Project 7 Part 2: Automatic Image Warping and Mosaics
Alan Yao
The previous part, which has larger panoramas and some other Bells & Whistles, can be found here.
Description
Image alignment and stitching algorithms and techniques are quite common. They're found in daily use in cell phones, digital cameras, video cameras, et cetera. Notably, given two images of the same scene, if the two images were taken from a similar location (or the images are of a far-away or planar scene), we can reconstruct the full scene by applying a camera transformation onto one image to warp it into the space of the other image.
More concretely, we can compute the projective transformation matrix H on homogenous coordinates in the canonical camera coordinate space. That is, we transform image coordinates x in [0, xmax] and y in [0, ymax] to [-1, -1] and [-a, -a], where a is the aspect ratio. Then we take the homogenous coordinates, where the image is at distance 1 from the camera, and compute a full 8-dof 2D perspective transformation (keeping the scaling parameter constant). At least 4 will be required to specify a homography.
In this part, we'll explore some additional techniques to produce better images, and take advantage of projective transformations.
Automatic Image Alignment
Following the given process, we can stitch our images automatically.
1. Find the Harris detector corner points. This can be done either by convolving with the Harris matrix or using a built-in library (faster).
2. Use Adaptive Non-Maximal Suppression to get a well-distributed set of interest points. The output points from ANMS are circled in blue. I arbitrarily chose to find the min(n, max(500, n/6)) strongest points. This is done by computing the suppression radius (the minimum absolute distance from p1 where a point p2 exists that has a stronger value) for each point, then sorting.
3/4. Extract features as a 9x9 patch around each interest point, after gaussian blurring and downsizing by a factor of 4. Then match features by SSD, threshholding on the ratio between the nearest neighbor and the second-nearest neighbor. Take the 30 strongest matches.
5. Using RANSAC, find a set of matching inlier points by going through multiple iterations. Essentially, we select 4 random points, compute H, and find the number of points that are within 1 pixel of where they should be after transformation; this is the inlier set. Then over multiple iterations, we maximize the size of the inlier set, and use that set to compute the least-squares approximation of H to use for projective warping.
6. Warp and stitch the images together as shown in the previous part.
Another example:
And finally, a harder, nighttime stitch of SF:
Bells & Whistles : Multi-Scale patches
All of the example images shown were stitched using multi-scale patches. The way multi-scale patches work is simple; we take the image pyramid of the input images to 5 levels, and find corner points and matching patches within those pyramid levels. After finding the matching points at each level, we combine all the matching points and remove duplicates to run RANSAC on.

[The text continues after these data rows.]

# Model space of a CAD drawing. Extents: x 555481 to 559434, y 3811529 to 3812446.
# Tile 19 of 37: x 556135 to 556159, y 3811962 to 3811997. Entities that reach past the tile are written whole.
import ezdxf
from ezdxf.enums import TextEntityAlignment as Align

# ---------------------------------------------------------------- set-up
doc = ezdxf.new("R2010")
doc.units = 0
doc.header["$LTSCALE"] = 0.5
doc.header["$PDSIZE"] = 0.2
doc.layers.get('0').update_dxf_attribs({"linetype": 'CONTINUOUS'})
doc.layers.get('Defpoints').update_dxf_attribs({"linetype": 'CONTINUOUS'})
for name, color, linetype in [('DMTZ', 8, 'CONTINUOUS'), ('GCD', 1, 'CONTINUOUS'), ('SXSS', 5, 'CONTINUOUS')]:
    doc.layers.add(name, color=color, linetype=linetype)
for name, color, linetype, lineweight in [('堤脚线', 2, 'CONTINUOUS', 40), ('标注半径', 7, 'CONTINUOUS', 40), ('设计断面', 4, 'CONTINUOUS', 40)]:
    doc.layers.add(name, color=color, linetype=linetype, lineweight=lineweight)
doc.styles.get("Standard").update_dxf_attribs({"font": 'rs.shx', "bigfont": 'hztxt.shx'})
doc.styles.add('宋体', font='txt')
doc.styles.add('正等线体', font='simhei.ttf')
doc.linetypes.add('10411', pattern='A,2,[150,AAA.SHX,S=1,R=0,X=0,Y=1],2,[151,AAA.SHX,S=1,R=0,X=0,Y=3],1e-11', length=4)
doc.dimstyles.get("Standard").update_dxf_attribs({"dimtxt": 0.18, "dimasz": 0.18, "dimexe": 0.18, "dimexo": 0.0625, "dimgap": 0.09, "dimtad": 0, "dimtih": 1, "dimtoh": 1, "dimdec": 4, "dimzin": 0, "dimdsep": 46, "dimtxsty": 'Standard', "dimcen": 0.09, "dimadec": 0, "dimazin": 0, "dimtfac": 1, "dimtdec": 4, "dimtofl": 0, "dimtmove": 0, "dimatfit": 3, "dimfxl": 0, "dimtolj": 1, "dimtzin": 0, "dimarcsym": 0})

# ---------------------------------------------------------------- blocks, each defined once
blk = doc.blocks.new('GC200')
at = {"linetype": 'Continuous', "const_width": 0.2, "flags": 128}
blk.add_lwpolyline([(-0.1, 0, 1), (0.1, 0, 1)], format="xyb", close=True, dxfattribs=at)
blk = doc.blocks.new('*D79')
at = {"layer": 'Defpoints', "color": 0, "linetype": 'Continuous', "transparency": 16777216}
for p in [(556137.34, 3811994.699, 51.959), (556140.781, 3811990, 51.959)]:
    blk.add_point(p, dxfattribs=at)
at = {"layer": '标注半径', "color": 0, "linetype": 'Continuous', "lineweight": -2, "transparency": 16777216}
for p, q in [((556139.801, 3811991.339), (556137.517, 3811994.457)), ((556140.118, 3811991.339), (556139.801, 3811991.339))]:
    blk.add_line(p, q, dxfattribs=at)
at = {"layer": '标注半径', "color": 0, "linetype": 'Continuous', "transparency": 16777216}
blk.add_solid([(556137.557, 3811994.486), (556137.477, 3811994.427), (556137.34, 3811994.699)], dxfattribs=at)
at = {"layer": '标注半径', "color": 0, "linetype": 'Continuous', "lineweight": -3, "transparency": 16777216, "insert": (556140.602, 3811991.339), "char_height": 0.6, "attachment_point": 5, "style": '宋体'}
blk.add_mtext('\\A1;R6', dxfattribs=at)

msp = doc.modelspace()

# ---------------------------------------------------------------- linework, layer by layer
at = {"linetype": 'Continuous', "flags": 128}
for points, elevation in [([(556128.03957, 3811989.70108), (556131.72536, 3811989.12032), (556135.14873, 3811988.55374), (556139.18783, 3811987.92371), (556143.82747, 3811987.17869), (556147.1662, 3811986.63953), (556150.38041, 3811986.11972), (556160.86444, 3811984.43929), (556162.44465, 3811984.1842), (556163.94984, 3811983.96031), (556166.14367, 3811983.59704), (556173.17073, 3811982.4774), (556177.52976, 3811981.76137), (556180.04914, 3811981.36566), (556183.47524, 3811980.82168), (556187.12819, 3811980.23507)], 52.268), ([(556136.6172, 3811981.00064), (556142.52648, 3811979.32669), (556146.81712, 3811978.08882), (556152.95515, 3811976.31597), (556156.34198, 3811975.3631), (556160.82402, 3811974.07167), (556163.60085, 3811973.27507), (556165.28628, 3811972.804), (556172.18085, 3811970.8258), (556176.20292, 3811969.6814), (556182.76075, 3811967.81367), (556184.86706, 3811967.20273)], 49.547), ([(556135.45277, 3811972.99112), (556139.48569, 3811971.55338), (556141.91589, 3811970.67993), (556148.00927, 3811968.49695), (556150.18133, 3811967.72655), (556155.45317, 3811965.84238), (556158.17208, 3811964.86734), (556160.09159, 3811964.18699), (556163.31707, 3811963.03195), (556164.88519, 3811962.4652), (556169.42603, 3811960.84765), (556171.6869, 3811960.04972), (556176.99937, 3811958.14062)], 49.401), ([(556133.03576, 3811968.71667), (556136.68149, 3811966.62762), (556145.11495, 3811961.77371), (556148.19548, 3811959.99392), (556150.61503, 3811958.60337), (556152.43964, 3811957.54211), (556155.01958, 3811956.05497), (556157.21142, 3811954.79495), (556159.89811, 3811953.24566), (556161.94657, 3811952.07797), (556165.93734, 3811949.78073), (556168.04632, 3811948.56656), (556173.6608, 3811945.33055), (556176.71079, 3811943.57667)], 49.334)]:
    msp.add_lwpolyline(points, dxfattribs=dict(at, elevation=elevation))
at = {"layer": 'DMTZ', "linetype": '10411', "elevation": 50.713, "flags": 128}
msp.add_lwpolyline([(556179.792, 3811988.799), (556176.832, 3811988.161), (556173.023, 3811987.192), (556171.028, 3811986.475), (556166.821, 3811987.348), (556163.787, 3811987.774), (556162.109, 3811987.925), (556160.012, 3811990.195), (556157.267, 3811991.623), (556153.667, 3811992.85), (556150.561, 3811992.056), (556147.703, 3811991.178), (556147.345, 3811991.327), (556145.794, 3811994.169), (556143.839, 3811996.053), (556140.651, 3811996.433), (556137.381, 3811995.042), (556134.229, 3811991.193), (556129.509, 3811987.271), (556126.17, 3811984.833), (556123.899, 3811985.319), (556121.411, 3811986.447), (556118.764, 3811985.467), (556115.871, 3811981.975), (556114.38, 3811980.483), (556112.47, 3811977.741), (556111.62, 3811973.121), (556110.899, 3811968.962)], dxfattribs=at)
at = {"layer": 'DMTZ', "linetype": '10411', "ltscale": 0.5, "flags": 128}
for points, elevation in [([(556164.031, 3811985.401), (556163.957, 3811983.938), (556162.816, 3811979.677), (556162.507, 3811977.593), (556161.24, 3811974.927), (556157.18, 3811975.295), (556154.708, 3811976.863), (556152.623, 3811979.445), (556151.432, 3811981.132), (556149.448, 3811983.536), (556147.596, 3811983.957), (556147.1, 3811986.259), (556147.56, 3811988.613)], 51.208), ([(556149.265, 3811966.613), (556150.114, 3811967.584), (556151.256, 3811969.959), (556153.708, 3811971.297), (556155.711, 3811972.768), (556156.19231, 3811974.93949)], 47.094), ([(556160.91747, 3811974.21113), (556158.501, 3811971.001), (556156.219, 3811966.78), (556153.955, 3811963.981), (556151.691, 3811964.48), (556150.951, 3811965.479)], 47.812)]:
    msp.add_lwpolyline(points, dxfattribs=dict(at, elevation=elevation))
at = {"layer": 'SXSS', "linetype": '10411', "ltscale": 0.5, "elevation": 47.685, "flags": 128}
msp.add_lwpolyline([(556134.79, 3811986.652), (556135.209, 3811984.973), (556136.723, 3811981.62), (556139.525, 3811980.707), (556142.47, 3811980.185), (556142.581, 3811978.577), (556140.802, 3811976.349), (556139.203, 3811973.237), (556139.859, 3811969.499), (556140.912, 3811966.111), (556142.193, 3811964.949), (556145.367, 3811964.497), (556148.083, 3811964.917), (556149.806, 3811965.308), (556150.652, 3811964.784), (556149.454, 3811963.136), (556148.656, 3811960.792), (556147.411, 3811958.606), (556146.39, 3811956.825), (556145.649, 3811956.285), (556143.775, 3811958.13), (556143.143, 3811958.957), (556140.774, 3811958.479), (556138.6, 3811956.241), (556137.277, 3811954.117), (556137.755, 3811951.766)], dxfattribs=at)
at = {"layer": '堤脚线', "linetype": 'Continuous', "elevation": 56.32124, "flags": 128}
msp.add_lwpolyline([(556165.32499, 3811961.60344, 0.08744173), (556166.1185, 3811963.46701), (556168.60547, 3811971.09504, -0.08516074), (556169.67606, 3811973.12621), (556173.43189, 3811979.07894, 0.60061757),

Below, I demonstrate the points detected at each level of the image for the picture of Sutardja Dai.
Bells & Whistles : Rotational Invariance
The orientation of each detected corner point can be determined from the gradient directions at each point. We smooth the x and y image gradients first, to minimize noise. Then at each point, we compute the angle as a vector:
where u is just [dx dy], the gradient at the harris point.
Then when extracting patches, we simply multiply each (X, Y) point in the 9x9 surrounding meshgrid around the harris point by the 2D rotational matrix according to the computed theta to get the rotated patch indices, and use those rotated patches to match images.
Below, I demonstrate two examples of rotated images. Rotational invariance is used in all images generated.
Here, despite that the second image is rotated 90 degress, we still find matching points and a successful stitch is made.
A partially rotated picture still aligns well, even though a lot more information is missing.
Bells & Whistles : Panorama Detection
Naive panorama detection is fairly simple to implement. The n^2 algorithm goes as follows:
1. For each pair (i, j) of images, detect matches and compute the set of matching points (N_f) and the set of RANSAC inliers (N_i).
2. Using Bayes rule, we find that for a probability threshhold of p=0.97, we have satisfy the hypothesis test of the pair being a mosaic if we satisfy the condition:
N_i > 5.9 + 0.22*N_f
3. We filter on this condition and reject pairs that do not satisfy.
This can be sped up to O(N log N) time using a k-d tree, but we will skip that implementation for this project.
Below I demonstrate an example dataset, and the detected panorama.
Dataset:
Detected Panoramas:
What I learned
Projective transforms are a fundamental part of computer graphics, and of course would play an equally fundamental role in CV. There's still a wide range of applications to explore, such as scene layout detection and reconstruction.